What lines in the following entries hold the word "linetype"? Copy each one.

Records from a dataset
☆ ☆ ☆

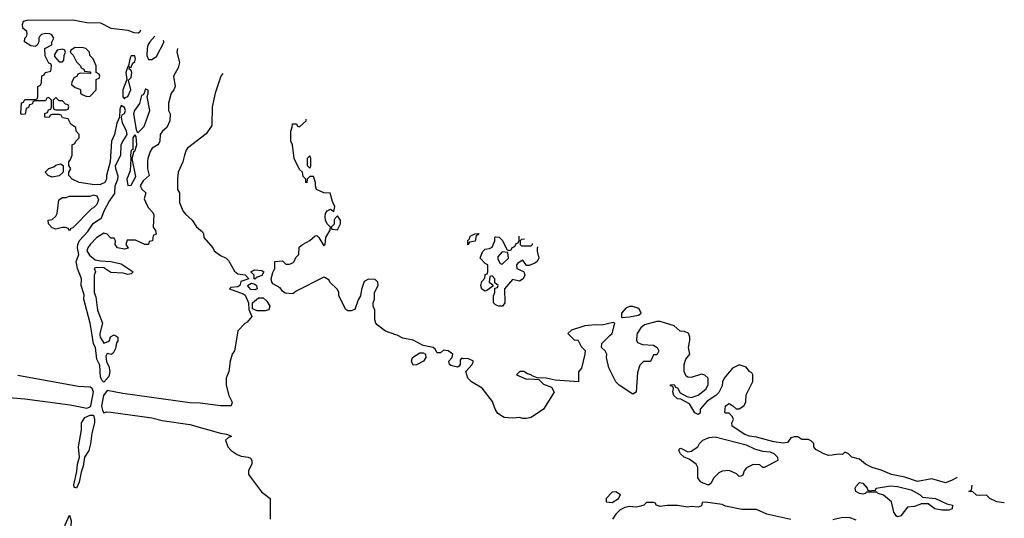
# Model space of a CAD drawing. Header units: inches. Extents: x 2380053 to 2584298, y 380219 to 546618.
# Tile 285 of 656: x 2455040 to 2460773, y 538934 to 541839. Entities that reach past the tile are written whole.
import ezdxf

# ---------------------------------------------------------------- set-up
doc = ezdxf.new("R2010")
doc.units = ezdxf.units.IN
doc.header["$MEASUREMENT"] = 0
for name, color, linetype in [('C4553', 7, 'Continuous'), ('C4554', 7, 'Continuous'), ('C4563', 7, 'Continuous')]:
    doc.layers.add(name, color=color, linetype=linetype)

msp = doc.modelspace()

# ---------------------------------------------------------------- linework, layer by layer
at = {"layer": 'C4553', "color": 2}
for points, elevation in [([(2455593.7, 540000), (2455612, 539990), (2455611.6, 539968.4), (2455603.6, 539956.4), (2455596.9, 539923.1), (2455584.7, 539895.3), (2455572, 539888), (2455550, 539893.2), (2455542, 539878), (2455545.3, 539845.3), (2455559.8, 539819.8), (2455564.9, 539790), (2455559.3, 539760.7), (2455530, 539727.3), (2455518.7, 539738.7), (2455510, 539758), (2455507, 539827), (2455490, 539862), (2455480.5, 539930), (2455469.7, 539950), (2455461.4, 540000)], 42), ([(2455506.9, 540000), (2455507.7, 539990), (2455530, 539954), (2455555.5, 539964.5), (2455562, 539970), (2455569.3, 539990.7), (2455586.4, 540000)], 42), ([(2456305.7, 540000), (2456291, 539910), (2456278, 539890), (2456264.7, 539850), (2456258, 539790), (2456242, 539750), (2456242, 539710), (2456258, 539650), (2456278, 539610), (2456272, 539590), (2456210, 539589.7), (2456090, 539605.4), (2456030, 539606), (2455640.6, 539660.6), (2455550, 539679.2), (2455527.7, 539650), (2455516.9, 539590), (2455521.7, 539561.7), (2455530, 539548), (2455546.1, 539553.9), (2455570, 539552.8), (2455810, 539518.5), (2455870, 539503.6), (2456030, 539480.2), (2456210, 539430.4), (2456244.7, 539424.7), (2456270, 539414), (2456274, 539410), (2456254.8, 539405.2), (2456238, 539390), (2456251.1, 539351.1), (2456272, 539330), (2456306.4, 539306.4), (2456330, 539296), (2456371.1, 539291.1), (2456383.6, 539283.6), (2456392, 539270), (2456391.6, 539251.6), (2456371.3, 539210), (2456371.3, 539190), (2456447.9, 539087.9), (2456498, 539050), (2456498.8, 538930)], 46), ([(2458242, 540000), (2458270, 539972), (2458290, 539974), (2458310, 539934), (2458332, 539912), (2458331.3, 539890), (2458311.1, 539808.9), (2458292.7, 539787.3), (2458294, 539730), (2458158, 539738), (2458106, 539750), (2458052.7, 539752.7), (2458023.1, 539763.1), (2458018, 539770), (2457996.6, 539776.6), (2457975.3, 539790), (2457951.1, 539788.9), (2457932, 539770), (2457990, 539744.9), (2458010, 539747.3), (2458062, 539742), (2458090, 539716), (2458137.1, 539697.1), (2458151, 539669), (2458090.7, 539569.3), (2458018, 539522), (2457990, 539515.3), (2457970, 539515.3), (2457950, 539522), (2457910, 539518), (2457860.4, 539520.4), (2457824.7, 539544.7), (2457808.7, 539570), (2457793.6, 539613.6), (2457732.9, 539692.9), (2457670, 539728.7), (2457648.7, 539750), (2457638, 539790), (2457674, 539830), (2457682, 539850), (2457650, 539864), (2457623.1, 539863.1), (2457612.7, 539867.3), (2457605.4, 539854.6), (2457604.7, 539830), (2457598.8, 539821.2), (2457590, 539815.3), (2457550, 539824), (2457542, 539830), (2457539, 539850), (2457558, 539870), (2457562, 539890), (2457535.3, 539910), (2457507.1, 539912.9), (2457490, 539898), (2457470, 539898), (2457459.3, 539919.3), (2457448, 539930), (2457390, 539941.2), (2457331.4, 539971.4), (2457270, 539982.7), (2457237.1, 540000)], 46), ([(2458633.8, 540000), (2458631, 539971), (2458638, 539958), (2458666.4, 539946.4), (2458730, 539942), (2458752, 539930), (2458762, 539910), (2458750, 539886), (2458730, 539886), (2458712.7, 539847.3), (2458672.7, 539847.3), (2458650, 539826), (2458636.9, 539783.1), (2458630, 539668), (2458610, 539658), (2458530, 539708.7), (2458510, 539728.7), (2458469.3, 539810), (2458457.2, 539870), (2458459, 539890), (2458449.3, 539909.3), (2458428, 539930), (2458430, 539952), (2458478.6, 540000)], 46), ([(2460000, 539232), (2459964, 539250), (2459930, 539279), (2459886, 539290), (2459866, 539310), (2459850, 539318), (2459842, 539318), (2459830, 539306), (2459808, 539308), (2459770, 539300.9), (2459750, 539300.7), (2459722, 539310), (2459675.5, 539335.5), (2459664, 539350), (2459664, 539370), (2459650, 539384), (2459632.3, 539392.3), (2459594, 539394), (2459570, 539408.7), (2459550, 539408.7), (2459530, 539402), (2459510, 539375.3), (2459487.5, 539372.5), (2459430, 539378.9), (2459330, 539407.6), (2459290, 539411.8), (2459262.3, 539422.3), (2459188.7, 539470), (2459186, 539490), (2459195.3, 539510), (2459190, 539526), (2459170, 539546), (2459150, 539546), (2459146, 539550), (2459148.7, 539590), (2459170, 539602), (2459192, 539590), (2459211.6, 539571.6), (2459230, 539571.3), (2459255.3, 539590), (2459268.7, 539610), (2459270, 539654), (2459308.4, 539731.6), (2459308.7, 539770), (2459302, 539782), (2459289.3, 539789.3), (2459270, 539815.3), (2459230, 539828.7), (2459191.1, 539808.9), (2459142, 539750), (2459132, 539730), (2459130, 539706), (2459110, 539666), (2459094, 539650), (2459042.8, 539617.2), (2459002, 539570), (2459002, 539550), (2458996.9, 539543.1), (2458990, 539538), (2458970, 539548.7), (2458940.2, 539600.2), (2458890, 539628.7), (2458870, 539629.2), (2458848.7, 539650), (2458842, 539670), (2458846, 539690), (2458842, 539702), (2458830, 539706), (2458828.4, 539711.6), (2458850, 539714), (2458858, 539698), (2458870, 539694), (2458885.4, 539665.4), (2458923.6, 539643.6), (2458950, 539638), (2458990, 539651.3), (2459034.6, 539685.4), (2459048.4, 539711.6), (2459048, 539750), (2459030, 539768), (2459010, 539774), (2458950, 539754), (2458930, 539755.3), (2458921.2, 539761.2), (2458909.1, 539789.1), (2458909.2, 539830), (2458919, 539861), (2458942, 539890), (2458934, 539930), (2458942, 539970), (2458942, 539990), (2458938.7, 540000)], 46), ([(2454910, 539643.6), (2455070.2, 539630.2), (2455334.4, 539594.4), (2455430, 539575.3), (2455450, 539583.6), (2455454.8, 539590), (2455469.7, 539670), (2455462, 539690), (2455450, 539698), (2455381.1, 539701.1), (2455030, 539766.2)], 46), ([(2460000, 539086), (2459970, 539086), (2459962, 539078), (2459950, 539075.3), (2459930, 539079), (2459909.2, 539090), (2459905.2, 539110), (2459910, 539122), (2459930, 539142), (2459950, 539138), (2459974, 539110), (2459978, 539098), (2459990, 539094), (2460000, 539095.2)], 46), ([(2459530, 538928), (2459390, 538958), (2459330, 538985.1), (2459245.3, 538985.3), (2459150, 539004.5), (2459130, 539014.3), (2459031.6, 539028.4), (2459014, 539026), (2459010, 539006), (2458990, 538998), (2458950, 539002), (2458930, 538999), (2458870, 539008.7), (2458810, 539008), (2458770, 539002), (2458746, 539010), (2458742, 539022), (2458730, 539026), (2458690, 539026), (2458674, 539010), (2458655.5, 539004.5), (2458630, 538999.5), (2458590, 539002), (2458563.6, 538996.4), (2458536.9, 538983.1), (2458510, 538959), (2458490.7, 538930)], 50), ([(2459910, 538924), (2459870, 538939.3), (2459823.5, 538936.5), (2459775.3, 538924.7)], 50)]:
    msp.add_lwpolyline(points, dxfattribs=dict(at, elevation=elevation))
for points, elevation in [([(2457330, 539826), (2457322, 539850), (2457328, 539870), (2457370, 539898), (2457390, 539898), (2457402, 539890), (2457404.7, 539870), (2457392, 539850), (2457350, 539828)], 46), ([(2455370, 539109), (2455356.4, 539116.4), (2455356, 539130), (2455373.6, 539206.4), (2455377, 539250), (2455389, 539290), (2455382.7, 539350), (2455399.3, 539450), (2455399, 539490), (2455419.1, 539520.9), (2455450, 539535.3), (2455470, 539534), (2455476.5, 539510), (2455476.2, 539490), (2455460.9, 539430), (2455452.9, 539367.1), (2455442.4, 539330), (2455417.1, 539290), (2455410, 539238), (2455397.3, 539202.7), (2455385.4, 539145.4)], 42), ([(2459366, 539230), (2459350, 539246), (2459310, 539248), (2459271.1, 539228.9), (2459258, 539210), (2459250, 539186), (2459239.6, 539180.4), (2459230, 539178), (2459213.2, 539193.2), (2459170, 539213.2), (2459130.9, 539209.1), (2459110, 539198), (2459082, 539170), (2459063.6, 539136.4), (2459050, 539128), (2459010, 539142), (2459002, 539150), (2458988.7, 539170), (2458988, 539230), (2458978, 539250), (2458938, 539278), (2458908, 539290), (2458888, 539310), (2458878, 539330), (2458882, 539338), (2458890, 539342), (2458930, 539322), (2458950, 539324.7), (2458988, 539350), (2458998, 539370), (2459018, 539390), (2459054.8, 539405.2), (2459090, 539408), (2459270, 539362.8), (2459318, 539338), (2459365.5, 539325.5), (2459410, 539320.5), (2459431.7, 539311.7), (2459451.3, 539290), (2459454, 539270), (2459374, 539230)], 46), ([(2458510, 539088), (2458490, 539086), (2458454, 539050), (2458454, 539030), (2458490, 539026.8), (2458526, 539050), (2458538, 539070)], 50), ([(2455310, 538861.2), (2455305.8, 538865.8), (2455304.2, 538895.8), (2455330, 538952), (2455339.5, 538919.5), (2455337.6, 538890), (2455330, 538873.2)], 42)]:
    msp.add_lwpolyline(points, close=True, dxfattribs=dict(at, elevation=elevation))
at = {"layer": 'C4554', "color": 2}
for points, elevation in [([(2455461.4, 540000), (2455449.7, 540070), (2455413, 540210), (2455416.1, 540236.1), (2455398.3, 540290), (2455399.6, 540330), (2455375.8, 540390), (2455369.7, 540430), (2455383.6, 540470), (2455376.8, 540510), (2455378, 540530), (2455388.5, 540551.5), (2455435.8, 540604.2), (2455468.4, 540651.6), (2455516.3, 540683.7), (2455533.6, 540730), (2455560.3, 540779.7), (2455593, 540827), (2455596.8, 540870), (2455612.3, 540910), (2455613.6, 540926.4), (2455599.6, 540970), (2455598.4, 540990), (2455629.6, 541050), (2455631.1, 541110), (2455636.3, 541123.7), (2455666, 541170), (2455662, 541190), (2455637.7, 541237.7), (2455632.1, 541267.9), (2455636.5, 541283.5), (2455650, 541292), (2455655.1, 541310), (2455650, 541328), (2455630, 541338), (2455623.5, 541316.5), (2455622, 541270), (2455604.9, 541235.1), (2455592.7, 541170), (2455574.4, 541130), (2455566.8, 541010), (2455546, 540930), (2455546, 540910), (2455534.8, 540890), (2455510, 540879), (2455476.4, 540876.4), (2455386, 540890), (2455346, 540910), (2455326, 540930), (2455326, 540950), (2455338, 540970), (2455326, 540990), (2455326, 541010), (2455336.4, 541023.6), (2455346, 541050), (2455346, 541110), (2455362, 541118), (2455366, 541130), (2455386, 541150), (2455386, 541170), (2455368, 541190), (2455366, 541210), (2455338, 541230), (2455322, 541262), (2455290, 541266), (2455282, 541282), (2455270, 541286), (2455230, 541286), (2455218, 541282), (2455211.6, 541268.4), (2455186, 541270), (2455187.3, 541292.7), (2455202, 541298), (2455207.3, 541312.7), (2455222, 541318), (2455226, 541330), (2455226, 541370), (2455210, 541386), (2455198, 541382), (2455190, 541366), (2455130, 541366), (2455118, 541362), (2455112.7, 541347.3), (2455098, 541342), (2455092, 541328), (2455078, 541322), (2455072, 541288), (2455050, 541286), (2455046, 541290), (2455050, 541354), (2455062, 541358), (2455070, 541374), (2455130, 541374), (2455142, 541378), (2455146, 541390), (2455146, 541450), (2455162, 541458), (2455167.3, 541472.7), (2455168.4, 541511.6), (2455182, 541518), (2455188.4, 541531.6), (2455222, 541538), (2455226, 541570), (2455222, 541582), (2455210, 541586), (2455188.4, 541628.4), (2455186, 541670), (2455228, 541692), (2455228, 541708), (2455238, 541730), (2455228, 541750), (2455215.5, 541755.5), (2455190, 541757.2), (2455167.3, 541752.7), (2455156.9, 541743.1), (2455151.3, 541730), (2455151.3, 541708.7), (2455142, 541690), (2455130, 541682), (2455105.6, 541685.6), (2455068.7, 541710), (2455069, 541730), (2455079.3, 541740.7), (2455083.1, 541756.9), (2455080.9, 541770), (2455058.7, 541790), (2455055.6, 541810), (2455061.2, 541830), (2455083.9, 541836.1), (2455350, 541838.6), (2455430, 541821.3), (2455510, 541820.3), (2455570, 541788.8), (2455670, 541778.4), (2455704.3, 541764.3), (2455730, 541761.1), (2455741.5, 541770), (2455745.7, 541779.9)], 42), ([(2455826.4, 541743.3), (2455797.2, 541710), (2455786, 541690), (2455781.4, 541670), (2455780.9, 541630), (2455790, 541606.8), (2455810, 541607.3), (2455836.1, 541623.9), (2455881.2, 541710), (2455874.6, 541716.8)], 42), ([(2455959, 541670.4), (2455958.8, 541670), (2455954.8, 541650), (2455970.7, 541589.3), (2455962, 541558), (2455936, 541510), (2455944.7, 541450), (2455938, 541430), (2455921, 541410), (2455907.1, 541352.9), (2455906.8, 541310), (2455916.3, 541290), (2455913.4, 541250), (2455896, 541210), (2455870.9, 541189.1), (2455858, 541170), (2455856, 541130), (2455850, 541118), (2455844.7, 541110), (2455811.3, 541090), (2455798.8, 541070), (2455786, 541030), (2455784.7, 541010), (2455784.7, 540970), (2455794, 540930), (2455759.6, 540900.4), (2455742, 540870), (2455751.6, 540851.6), (2455774, 540830), (2455765.4, 540794.6), (2455779.8, 540759.8), (2455790, 540742), (2455815.3, 540715.3), (2455821, 540701), (2455818, 540630), (2455831.3, 540610), (2455834, 540590), (2455818, 540582), (2455814, 540550), (2455794, 540546), (2455790, 540528.7), (2455768.4, 540528.4), (2455713.6, 540553.6), (2455666, 540554), (2455658, 540530), (2455672, 540508), (2455650, 540502), (2455608.7, 540510), (2455595.3, 540530), (2455598, 540550), (2455590, 540566), (2455570, 540566), (2455548.9, 540588.9), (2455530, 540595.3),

☆ ☆ ☆

RESPONSE TO THIS EXERCISE:
for name, color, linetype in [('C4553', 7, 'Continuous'), ('C4554', 7, 'Continuous'), ('C4563', 7, 'Continuous')]:
    doc.layers.add(name, color=color, linetype=linetype)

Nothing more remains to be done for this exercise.